The goals of the History Day project that Jason and Tom are working on are a bit different than what I’ve been outlining here. My school participates in the National History Day, a program that annually involves 50,000 students from 49 states who work within the parameters of an annually chosen theme like “Turning Points in History,” “Revolution, Reaction and Reform,” or “Rights and Responsibilities.” Students can work alone or collaborate in groups of up to three people, and choose formats within a menu of options that include tabletop exhibitions, documentaries, dramatic presentations and websites. My colleagues and I believe that the work of formulating arguments may be easier for students when working in media other than traditional essays, which is why this project is a capstone assessment for the quarter (a grade-wide research essay is the main undertaking for the end of the year).
We’re pretty upfront with students at the time when we assign this project in January that it’s as much about managing the enterprise as it is about the content. That means planning ahead for deadlines that come up in stages: topic, bibliography, first draft, final draft.  We tell them: choose your partners carefully, because you sink or swim together. Someone who does all the work will get the same grade as a member of your team that does none. (In fact, we keep an eye on this, and make a mental note the balance the ledgers in some silent way.) “I'm not sure I agree with you about that,” Ruth had said when I explained my colleagues’ thinking in our phone conversation, and she might be right. But we try to get kids to perform different kinds of intellectual tasks, and revealing her son’s difficulty in performing this one is part of the point.

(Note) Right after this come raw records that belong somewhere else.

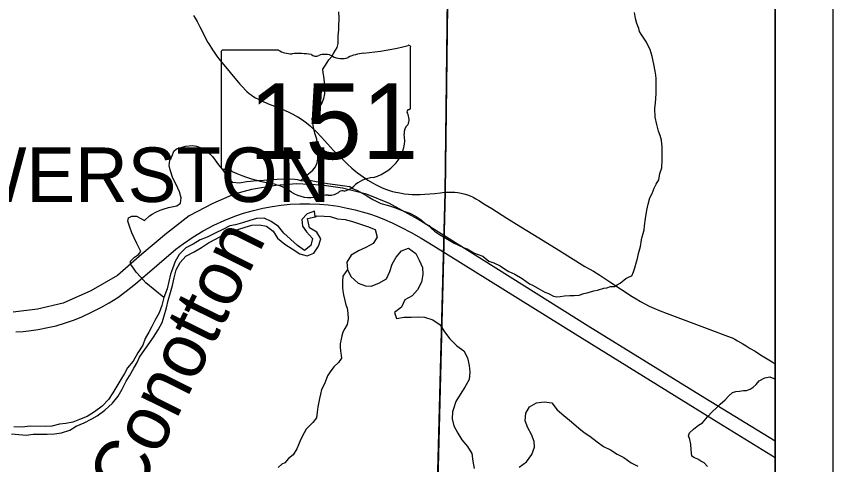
# Model space of a CAD drawing. Extents: x -1.2 to 34, y -8.5 to 22.
# Drawn here: x 7.582 to 9, y 16.749 to 17.528 of the extents above; entities that cross this region are included whole.
import ezdxf

# ---------------------------------------------------------------- set-up
doc = ezdxf.new("R2010")
doc.units = 0
for name, color, linetype in [('GM_X_Corporation_Text', 7, 'Continuous'), ('GM_X_Major_River', 7, 'Continuous'), ('GM_X_Major_River_Text', 7, 'Continuous'), ('GM_X_Minor_River', 7, 'Continuous'), ('GM_X_Rail_Line', 7, 'Continuous'), ('GM_X_State_Location', 7, 'Continuous'), ('GM_X_State_Route', 7, 'Continuous'), ('GM_X_State_Shield', 7, 'Continuous'), ('GM_X_Unincorporated_Text', 7, 'Continuous'), ('SH_Cut_Line', 7, 'Continuous'), ('SH_Data', 7, 'Continuous')]:
    doc.layers.add(name, color=color, linetype=linetype)

msp = doc.modelspace()

# ---------------------------------------------------------------- linework, layer by layer
at = {"layer": 'GM_X_Major_River'}
for points in [[(7.5731, 16.8023), (7.5861, 16.801), (7.5986, 16.8), (7.6107, 16.8013), (7.6233, 16.8018), (7.6354, 16.8016), (7.6479, 16.8021), (7.6604, 16.8041), (7.6744, 16.8085), (7.6857, 16.8154), (7.6993, 16.8213), (7.7126, 16.8283), (7.7224, 16.8337), (7.7352, 16.843), (7.7487, 16.8553), (7.7588, 16.8676), (7.7655, 16.8798), (7.7725, 16.8935), (7.7781, 16.9031), (7.7859, 16.9161), (7.7915, 16.926), (7.7959, 16.9355), (7.8049, 16.9489), (7.8135, 16.9608), (7.8198, 16.9704), (7.828, 16.983), (7.8351, 16.9956), (7.8384, 17.0074), (7.8424, 17.0211), (7.8452, 17.034), (7.8493, 17.0477), (7.8529, 17.0599), (7.8562, 17.0733), (7.8594, 17.087), (7.8661, 17.0999), (7.8762, 17.1111), (7.8906, 17.1185), (7.9034, 17.1258), (7.9154, 17.1339), (7.9279, 17.1405), (7.9418, 17.1483), (7.9535, 17.1537), (7.9664, 17.1573), (7.9793, 17.1616), (7.991, 17.1648), (8.0043, 17.1654), (8.0165, 17.1632), (8.028, 17.1546), (8.0357, 17.1422), (8.0484, 17.1317), (8.061, 17.1239), (8.074, 17.115), (8.087, 17.1117), (8.0983, 17.1164), (8.1065, 17.1283), (8.1109, 17.1412), (8.1035, 17.1529), (8.0909, 17.1603), (8.0876, 17.1766)], [(8.1009, 17.1794), (8.0997, 17.1893), (8.0868, 17.1846), (8.0779, 17.1749), (8.079, 17.1634), (8.0857, 17.1531), (8.0965, 17.1418), (8.0936, 17.1293), (8.0823, 17.1208), (8.0704, 17.1294), (8.0466, 17.1511), (8.037, 17.1623), (8.0247, 17.1713), (8.0121, 17.1772), (7.9992, 17.1763), (7.9875, 17.1731), (7.9746, 17.1688), (7.9625, 17.1652), (7.9527, 17.1636), (7.9402, 17.1574), (7.9274, 17.1508), (7.913, 17.1438), (7.9013, 17.1391), (7.8889, 17.1321), (7.876, 17.1255), (7.8648, 17.114), (7.8577, 17.1017), (7.8529, 17.0892), (7.8493, 17.0796), (7.8467, 17.0671), (7.8435, 17.0541), (7.838, 17.0389), (7.8347, 17.0252), (7.8299, 17.0126), (7.8225, 16.9992), (7.8169, 16.9885), (7.8121, 16.9786), (7.8054, 16.9679), (7.8014, 16.9561), (7.7928, 16.9427), (7.7846, 16.9286), (7.7749, 16.9167), (7.7697, 16.9068), (7.763, 16.8968), (7.7563, 16.885), (7.7496, 16.8735), (7.7421, 16.8617), (7.7309, 16.8501), (7.7177, 16.8405), (7.7045, 16.8324), (7.6913, 16.8269), (7.6796, 16.8222), (7.6678, 16.8202), (7.6565, 16.8189), (7.6432, 16.8157), (7.6315, 16.8148), (7.6056, 16.8152), (7.592, 16.8136), (7.5775, 16.8141)], [(8.0876, 17.1766), (8.1009, 17.1794)], [(8.1009, 17.1794), (8.1036, 17.181), (8.1165, 17.1804), (8.1268, 17.1801), (8.1397, 17.1761), (8.153, 17.1748), (8.166, 17.1711), (8.1778, 17.1671), (8.1919, 17.1627), (8.2049, 17.1572), (8.2088, 17.1439), (8.2014, 17.1332), (8.1889, 17.1259), (8.1761, 17.12), (8.1636, 17.113), (8.1558, 17.1004), (8.1571, 17.0879), (8.163, 17.0754), (8.1756, 17.0642), (8.1886, 17.0594), (8.1981, 17.0588), (8.2117, 17.0639), (8.2249, 17.0713), (8.2304, 17.0842), (8.2345, 17.0968), (8.2419, 17.109), (8.2509, 17.1202), (8.263, 17.1249), (8.2756, 17.1159), (8.2815, 17.1038), (8.2873, 17.091), (8.2878, 17.0792), (8.2854, 17.0656), (8.2787, 17.0526), (8.2697, 17.0418), (8.2569, 17.0352), (8.2506, 17.0226), (8.2385, 17.013), (8.2421, 17.0024), (8.2557, 17.0049), (8.2675, 17.005), (8.2811, 17.0055), (8.291, 17.0049), (8.3051, 17.0005), (8.3178, 16.9916), (8.3255, 16.9795), (8.3351, 16.9671), (8.3471, 16.9551), (8.3589, 16.9462), (8.3655, 16.9345), (8.3687, 16.9212), (8.3696, 16.9091), (8.3687, 16.8966), (8.3612, 16.8832), (8.353, 16.8706), (8.3452, 16.8583), (8.3412, 16.8454)], [(8.4556, 16.744), (8.468, 16.7536), (8.4773, 16.7662), (8.4821, 16.7792), (8.4816, 16.7887), (8.4769, 16.8007), (8.4703, 16.8128), (8.466, 16.8245), (8.467, 16.8378), (8.4733, 16.8493), (8.4857, 16.8563), (8.4986, 16.8579), (8.5119, 16.8558), (8.5212, 16.8438), (8.5327, 16.8341), (8.5461, 16.8232), (8.5588, 16.812), (8.5684, 16.8045), (8.5779, 16.7982), (8.591, 16.7881), (8.6021, 16.7799), (8.6139, 16.7743), (8.6258, 16.7669), (8.6373, 16.761), (8.6499, 16.752), (8.6614, 16.7457)], [(8.3412, 16.8454), (8.3397, 16.8404), (8.3387, 16.8283), (8.3419, 16.8162), (8.3489, 16.8034), (8.3555, 16.7917), (8.3655, 16.78), (8.3729, 16.768), (8.3746, 16.7544), (8.3774, 16.7419)]]:
    msp.add_lwpolyline(points, dxfattribs=at)
at = {"layer": 'GM_X_Minor_River'}
for points in [[(8.0755, 17.2425), (8.0968, 17.2604), (8.1017, 17.2665), (8.1042, 17.2734), (8.1057, 17.2803), (8.1054, 17.2982), (8.1045, 17.3092), (8.1037, 17.3146), (8.1021, 17.3195), (8.1005, 17.3248), (8.0977, 17.3354), (8.096, 17.3445), (8.0956, 17.3502), (8.0978, 17.3556), (8.1011, 17.3606), (8.1089, 17.3714), (8.1126, 17.3764), (8.1159, 17.3852), (8.1177, 17.3932), (8.1183, 17.4032), (8.117, 17.4134), (8.1157, 17.4241), (8.1149, 17.4294), (8.1144, 17.4359), (8.1174, 17.4412), (8.1218, 17.4474), (8.1248, 17.4524), (8.1296, 17.4582), (8.1333, 17.4643), (8.1389, 17.4739), (8.1407, 17.4804), (8.1406, 17.4888), (8.1409, 17.4938), (8.1418, 17.5044), (8.1418, 17.5102), (8.1423, 17.525), (8.1422, 17.5357)], [(8.3085, 17.1546), (8.3169, 17.1487), (8.328, 17.1424), (8.3425, 17.1338), (8.3486, 17.1309), (8.36, 17.1253), (8.365, 17.1235), (8.3764, 17.1168), (8.3821, 17.1146), (8.3924, 17.111), (8.4027, 17.1024), (8.4115, 17.0995), (8.4222, 17.0939), (8.4317, 17.088), (8.4374, 17.0846), (8.4477, 17.0794), (8.4607, 17.0724), (8.4733, 17.0627), (8.4787, 17.0605), (8.4875, 17.0553), (8.5, 17.0482), (8.5065, 17.046), (8.5149, 17.0416), (8.521, 17.0402), (8.5263, 17.041), (8.5338, 17.0419), (8.5433, 17.0424), (8.5509, 17.0425), (8.5596, 17.0434), (8.5679, 17.0462), (8.5735, 17.0474), (8.5852, 17.0507), (8.5912, 17.0519), (8.6022, 17.0551), (8.6075, 17.056), (8.6139, 17.058), (8.6207, 17.0584), (8.6256, 17.0612), (8.6308, 17.0639), (8.6405, 17.0721), (8.6462, 17.0748), (8.6511, 17.0768), (8.654, 17.0837), (8.6562, 17.0906), (8.6591, 17.1009), (8.6609, 17.107), (8.6626, 17.1158), (8.6659, 17.1277), (8.668, 17.1395), (8.669, 17.1445), (8.6709, 17.1506), (8.6723, 17.1567), (8.6729, 17.1636), (8.675, 17.1762), (8.6771, 17.1907), (8.6796, 17.2014), (8.6825, 17.2125), (8.6865, 17.2202), (8.6898, 17.229), (8.6935, 17.2359), (8.6979, 17.2439), (8.6997, 17.2546), (8.7029, 17.2646), (8.7035, 17.2787), (8.7037, 17.2874), (8.7039, 17.3004), (8.7026, 17.3126), (8.7002, 17.3209), (8.6975, 17.3285), (8.6943, 17.3399), (8.6918, 17.3528), (8.6912, 17.3676), (8.6919, 17.3775), (8.6932, 17.3932), (8.6936, 17.4145), (8.6935, 17.4198), (8.6927, 17.4255), (8.6915, 17.4324), (8.6894, 17.4445), (8.6866, 17.4582), (8.683, 17.4703), (8.6803, 17.4753), (8.6764, 17.4828), (8.6709, 17.4915), (8.6671, 17.4968), (8.6644, 17.5017), (8.6632, 17.5066), (8.6596, 17.5153), (8.6576, 17.5244), (8.6556, 17.5343)], [(7.8046, 17.1728), (7.8129, 17.1811), (7.8178, 17.1838), (7.8242, 17.1877), (7.8313, 17.1909), (7.8366, 17.1925), (7.846, 17.1953), (7.8547, 17.1973), (7.8603, 17.1985), (7.8667, 17.2032), (7.8681, 17.2124), (7.8653, 17.2226), (7.8591, 17.2355), (7.8536, 17.2464), (7.8489, 17.2608), (7.8472, 17.2688), (7.8486, 17.278), (7.8527, 17.2853), (7.8552, 17.2933), (7.8601, 17.2976), (7.8699, 17.3004), (7.8755, 17.302), (7.882, 17.3028), (7.888, 17.3033), (7.8948, 17.3023), (7.9043, 17.299), (7.9105, 17.2953), (7.9177, 17.2889), (7.9227, 17.2844), (7.927, 17.278), (7.9328, 17.2697), (7.9386, 17.2626), (7.9436, 17.2562), (7.9471, 17.2505), (7.9502, 17.2456), (7.9571, 17.2396), (7.9692, 17.2383), (7.9817, 17.2407), (7.9888, 17.2416), (7.9938, 17.2421), (8.0017, 17.2426), (8.021, 17.2436), (8.035, 17.2446), (8.0584, 17.2453), (8.0653, 17.245), (8.0702, 17.2444), (8.0755, 17.2425), (8.0816, 17.2422), (8.0869, 17.2431), (8.0941, 17.2428), (8.1028, 17.2407), (8.1161, 17.2382), (8.1222, 17.2371), (8.1442, 17.2344), (8.1525, 17.2334), (8.1609, 17.232), (8.167, 17.2279), (8.1734, 17.2257), (8.1826, 17.2205), (8.1906, 17.2157), (8.2013, 17.2094), (8.2147, 17.2027), (8.2283, 17.1988), (8.2386, 17.1955), (8.2504, 17.1907), (8.2565, 17.1889), (8.2656, 17.1856), (8.2763, 17.1801), (8.2851, 17.1741), (8.292, 17.1677), (8.2981, 17.1644), (8.3023, 17.1595), (8.3085, 17.1546)], [(7.838, 17.0389), (7.8066, 17.0648), (7.7978, 17.0746), (7.7901, 17.0832), (7.7839, 17.0919), (7.78, 17.0972), (7.7803, 17.1025), (7.787, 17.1091), (7.7938, 17.1138), (7.7979, 17.1192), (7.794, 17.1271), (7.7909, 17.1331), (7.7862, 17.1426), (7.7823, 17.1517), (7.7783, 17.163), (7.7752, 17.1721), (7.7766, 17.1779), (7.7826, 17.1806), (7.7906, 17.1804), (7.799, 17.1759), (7.8045, 17.1729)], [(8.1571, 17.0879), (8.1487, 17.0761), (8.1481, 17.0673), (8.1486, 17.0566), (8.1487, 17.0505), (8.1499, 17.0437), (8.1523, 17.0342), (8.1543, 17.0266), (8.1563, 17.0206), (8.1576, 17.0118), (8.1581, 17.0019), (8.1567, 16.992), (8.1526, 16.9855), (8.1489, 16.9786), (8.1475, 16.9725), (8.1461, 16.9667), (8.1443, 16.9587), (8.1444, 16.9534), (8.1449, 16.9458), (8.1461, 16.9386), (8.1466, 16.9336), (8.1414, 16.9263), (8.1335, 16.9186), (8.1272, 16.9101), (8.1224, 16.9028), (8.1202, 16.8963), (8.1169, 16.889), (8.1121, 16.8794), (8.11, 16.871), (8.1082, 16.8637), (8.1071, 16.8576), (8.1054, 16.8488), (8.1044, 16.8397), (8.103, 16.8301), (8.0971, 16.8221), (8.0922, 16.8174), (8.0851, 16.8104), (8.0818, 16.8039), (8.0759, 16.7928), (8.0722, 16.7828), (8.0689, 16.7759), (8.0627, 16.7656), (8.0548, 16.759), (8.0481, 16.752), (8.0428, 16.7493), (8.0368, 16.7438)], [(8.7823, 16.7456), (8.7765, 16.752), (8.7708, 16.7549), (8.7658, 16.7579), (8.7601, 16.7605), (8.7552, 16.7635), (8.7539, 16.7745), (8.7537, 16.784), (8.7517, 16.7924), (8.7497, 16.7984), (8.7515, 16.8038), (8.7583, 16.8103), (8.7669, 16.8173), (8.774, 16.8212), (8.7826, 16.8317), (8.7904, 16.8402), (8.7986, 16.8479), (8.8046, 16.8537), (8.8132, 16.8611), (8.8188, 16.8676), (8.8259, 16.8742), (8.8315, 16.8758), (8.8383, 16.8763), (8.8448, 16.8772), (8.8501, 16.8776), (8.8565, 16.88), (8.8621, 16.8835), (8.8673, 16.8878), (8.8722, 16.8943), (8.8819, 16.8994), (8.891, 16.9015), (8.8975, 16.8981), (8.9, 16.8969)]]:
    msp.add_lwpolyline(points, dxfattribs=at)
at = {"layer": 'GM_X_Rail_Line'}
for points in [[(8.9, 16.7891), (8.7777, 16.8641), (8.5752, 16.9893), (8.279, 17.1752), (8.2298, 17.2027), (8.19, 17.2185), (8.1486, 17.2291), (8.1119, 17.2345), (8.069, 17.2365), (8.0325, 17.2336), (7.9904, 17.2271), (7.9601, 17.2186), (7.9229, 17.2028), (7.8818, 17.181), (7.8424, 17.1504), (7.8, 17.1143), (7.7574, 17.0774), (7.7113, 17.0509), (7.6629, 17.0294), (7.6185, 17.0188), (7.5763, 17.0139)], [(7.581, 16.9792), (7.5935, 16.9801), (7.6077, 16.9815), (7.6196, 16.9834), (7.6363, 16.987), (7.6507, 16.9901), (7.6674, 16.9952), (7.6809, 16.9997), (7.6943, 17.005), (7.7123, 17.0134), (7.7286, 17.0215), (7.743, 17.03), (7.758, 17.0394), (7.7728, 17.0504), (7.7887, 17.0631), (7.8296, 17.0983), (7.8587, 17.123), (7.8718, 17.1327), (7.8884, 17.144), (7.9062, 17.1548), (7.9246, 17.165), (7.9427, 17.1729), (7.9611, 17.1804), (7.9764, 17.1855), (7.9936, 17.1904), (8.0098, 17.1944), (8.0259, 17.1976), (8.0417, 17.1997), (8.0576, 17.2012), (8.0741, 17.2018), (8.0915, 17.202), (8.1092, 17.2013), (8.1237, 17.2001), (8.1407, 17.1977), (8.1567, 17.1945), (8.1703, 17.1915), (8.1826, 17.1881), (8.1952, 17.1845), (8.2084, 17.1797), (8.2214, 17.1745), (8.2348, 17.1688), (8.2498, 17.1615), (8.2674, 17.1521), (8.2848, 17.1422), (8.306, 17.1295), (8.5527, 16.9762), (8.8022, 16.8214), (8.9, 16.7607)]]:
    msp.add_lwpolyline(points, dxfattribs=at)
at = {"layer": 'GM_X_State_Route'}
for points in [[(7.8894, 17.5293), (7.8924, 17.5246), (7.8958, 17.5188), (7.9007, 17.5096), (7.9146, 17.4827), (7.9162, 17.4799), (7.9227, 17.4694), (7.9252, 17.4655), (7.9301, 17.4585), (7.9337, 17.4539), (7.9534, 17.43), (7.9701, 17.4102), (7.975, 17.4045), (7.9796, 17.3996), (7.9824, 17.397), (7.9862, 17.3937), (7.9896, 17.3912), (7.9928, 17.3891), (7.9975, 17.3862), (8.0022, 17.3837), (8.0065, 17.3817), (8.0209, 17.3755), (8.03, 17.3719), (8.0476, 17.3646), (8.0562, 17.3608), (8.0598, 17.3591), (8.0697, 17.3537), (8.0754, 17.3502), (8.0812, 17.3464), (8.0856, 17.343), (8.0924, 17.3373), (8.0965, 17.3336), (8.1025, 17.3275), (8.1116, 17.3176), (8.133, 17.2946), (8.1373, 17.2902), (8.1505, 17.2771), (8.1573, 17.2707), (8.1645, 17.2642), (8.1717, 17.2581), (8.1745, 17.256), (8.1902, 17.2448), (8.1926, 17.2432), (8.2014, 17.2377), (8.2055, 17.2354), (8.2124, 17.2318), (8.2174, 17.2295), (8.2249, 17.2266), (8.23, 17.225), (8.235, 17.2236), (8.2412, 17.2222), (8.248, 17.2209), (8.2562, 17.2196), (8.2633, 17.2188), (8.2697, 17.2183), (8.2768, 17.2181), (8.2833, 17.2182), (8.2916, 17.2186), (8.3087, 17.2202), (8.3189, 17.2213), (8.3257, 17.222), (8.3328, 17.2224)], [(8.3328, 17.2224), (8.3433, 17.2222), (8.3487, 17.2216), (8.3547, 17.2206), (8.3591, 17.2194), (8.3653, 17.2176), (8.3703, 17.2156), (8.3755, 17.2133), (8.3802, 17.2108), (8.3863, 17.2072), (8.3942, 17.2022), (8.4076, 17.1936), (8.4338, 17.1772), (8.458, 17.1622), (8.4788, 17.1494), (8.5044, 17.1335), (8.524, 17.1213), (8.5696, 17.0933), (8.5843, 17.0847), (8.5954, 17.0777), (8.613, 17.0662), (8.6519, 17.0408), (8.6584, 17.037), (8.6662, 17.0322), (8.6738, 17.028), (8.681, 17.0243), (8.6891, 17.0206), (8.7004, 17.0159), (8.7126, 17.0111), (8.7589, 16.9937), (8.7868, 16.9833), (8.8175, 16.9721), (8.8252, 16.9689), (8.8299, 16.9665), (8.8349, 16.9639), (8.8438, 16.9586), (8.8496, 16.9551), (8.8569, 16.9507), (8.8651, 16.9457), (8.8748, 16.9397), (8.8946, 16.9271), (8.9, 16.9238)]]:
    msp.add_lwpolyline(points, dxfattribs=at)
at = {"layer": 'GM_X_State_Shield'}
for p, q in [((8.2668, 17.3695), (8.2668, 17.4741)), ((7.9373, 17.4657), (7.9373, 17.2656)), ((8.037, 17.4692), (7.9405, 17.4692)), ((8.2668, 17.3695), (8.2668, 17.3695))]:
    msp.add_line(p, q, dxfattribs=at)
for centre, major_axis, start_param, end_param in [((8.1494, 17.742), (0.3495, 0), 4.814394, 5.042369), ((8.2632, 17.4746), (0.00367, 0), 6.141152, 7.989035), ((7.941, 17.4662), (0.00382, 0), 1.712693, 3.28349), ((8.06, 17.4924), (0.037, 0), 4.042523, 4.731795), ((8.0723, 17.3568), (0.133, 0), 1.404758, 1.657858), ((8.1025, 17.4672), (0.0107, 0), 3.836095, 5.185415), ((8.1182, 17.4441), (0.0222, 0), 0.950623, 2.079405), ((8.194, 17.4081), (0.0703, 0), 1.699011, 2.107814), ((8.1468, 17.4758), (0.0267, 0), 4.081561, 5.145723), ((8.266, 17.3618), (0.00568, 0), 1.883978, 3.671073), ((8.2629, 17.369), (0.00393, 0), 5.05454, 6.418171), ((8.2299, 17.3485), (0.0341, 0), 5.934695, 6.695948), ((8.28, 17.3256), (0.0248, 0), 2.387724, 3.262537), ((8.169, 17.3123), (0.0874, 0), 5.101752, 6.440018), ((7.9411, 17.2652), (0.00385, 0), 3.00124, 4.508301), ((7.9417, 17.2857), (0.0294, 0), 4.665946, 4.897461), ((7.9477, 17.2541), (0.0106, 0), 0.519207, 1.627899), ((8.0815, 17.4339), (0.2524, 0), 4.195997, 4.488961), ((8.2059, 17.2094), (0.0479, 0), 1.647645, 2.488434), ((8.0062, 17.1757), (0.079, 0), 0.823519, 1.323587), ((8.1452, 17.2462), (0.0282, 0), 4.937069, 5.64225), ((8.0917, 17.2531), (0.0501, 0), 4.026481, 4.996735), ((8.1243, 17.2381), (0.0267, 0), 4.691044, 5.507374), ((8.1484, 17.2187), (0.00752, 0), 1.147584, 2.315152), ((8.1206, 17.1839), (0.0412, 0), 1.495662, 1.94098)]:
    msp.add_ellipse(centre, major_axis=major_axis, ratio=0.8, start_param=start_param, end_param=end_param, dxfattribs=at)
at = {"layer": 'GM_X_Unincorporated_Text'}
for p, q in [((8.3265, 17.2224), (8.3326, 17.6871)), ((8.3029, 16.2873), (8.3265, 17.2224))]:
    msp.add_line(p, q, dxfattribs=at)
msp.add_lwpolyline([(8.2551, 14.1), (8.9, 14.1), (8.9, 17.6758), (8.3326, 17.6871), (8.3265, 17.2224), (8.3029, 16.2873), (8.2955, 15.9378), (8.2794, 15.1757), (8.2772, 15.0742)], close=True, dxfattribs=at)
at = {"layer": 'SH_Cut_Line'}
msp.add_lwpolyline([(2.3586, 14.1), (8.9, 14.1), (8.9, 17.6758), (8.3326, 17.6871), (7.9782, 17.6941), (7.8111, 17.6977), (7.3722, 17.707), (7.1254, 17.7122), (6.7322, 17.7204), (6.6751, 17.7216), (6.665, 17.7216)], dxfattribs=at)
at = {"layer": 'SH_Data'}
for p, q in [((9, 21), (9, 14)), ((9, 21), (9, 14)), ((8.9, 20.9), (8.9, 14.1)), ((8.9, 20.9), (8.9, 14.1))]:
    msp.add_line(p, q, dxfattribs=at)

# ---------------------------------------------------------------- texts
at = {"layer": 'GM_X_Corporation_Text'}
msp.add_text('BOWERSTON', height=0.0947, rotation=0, dxfattribs=at).set_placement((7.2968, 17.2052))
at = {"layer": 'GM_X_Major_River_Text'}
msp.add_text('Conotton', height=0.09472, rotation=63.5646, dxfattribs=at).set_placement((7.7875, 16.6807))
at = {"layer": 'GM_X_State_Location'}
for s in ['s', 'r']:
    msp.add_text(s, height=0.000189, dxfattribs=at).set_placement((8.0983, 17.3524))
msp.add_text('151', height=0.000189, rotation=0, dxfattribs=at).set_placement((8.0315, 17.3386))
at = {"layer": 'GM_X_State_Shield'}
msp.add_text('151', height=0.13184, dxfattribs=at).set_placement((7.9858, 17.2797))

doc.saveas('drawing.dxf')

For all our planning and justifications, however, we never entirely feel we’re in control of the assignments we give. Loopholes and ambiguities inevitably present themselves; so do unplanned exigencies like snowstorms. My delight in conferring on Ruth and Jason Thompson an extension dissipates quickly as my colleagues in the History Department realize the storm is creating a logistical mess, and a flurry of emails swirl among us. If the History Day project was a run-of-the-mill essay, we might simply expect students to email their work to us, whether or not school was in session. But given the number of projects that actually have to be brought in and set up (the kindly librarians have given us some space), we can’t expect that. Since we need to be uniform, we decide the project will have to be due the first day back after the break. The very thing we were trying to prevent—having kids with homework over the holidays—has come to pass. Jason and Tom’s project, long on images and short on interpretation, gets a B. On the acknowledgments panel of their PowerPoint, Jason thanks his Dad, “for help in proofreading, and for the pizza.” Motherhood, apparently, is truly a thankless task.

In the aftermath of the year’s assignment, we decide that maybe a post-break due date isn’t such a bad idea after all. In fact, we agree, the thing to do is to have draft workshops the first week back, and have the projects due the second week. That will create a grading squeeze before the semester ends, but it seems worth it. For teachers no less than students, there’s no substitute for experience. We learn by doing—and redoing.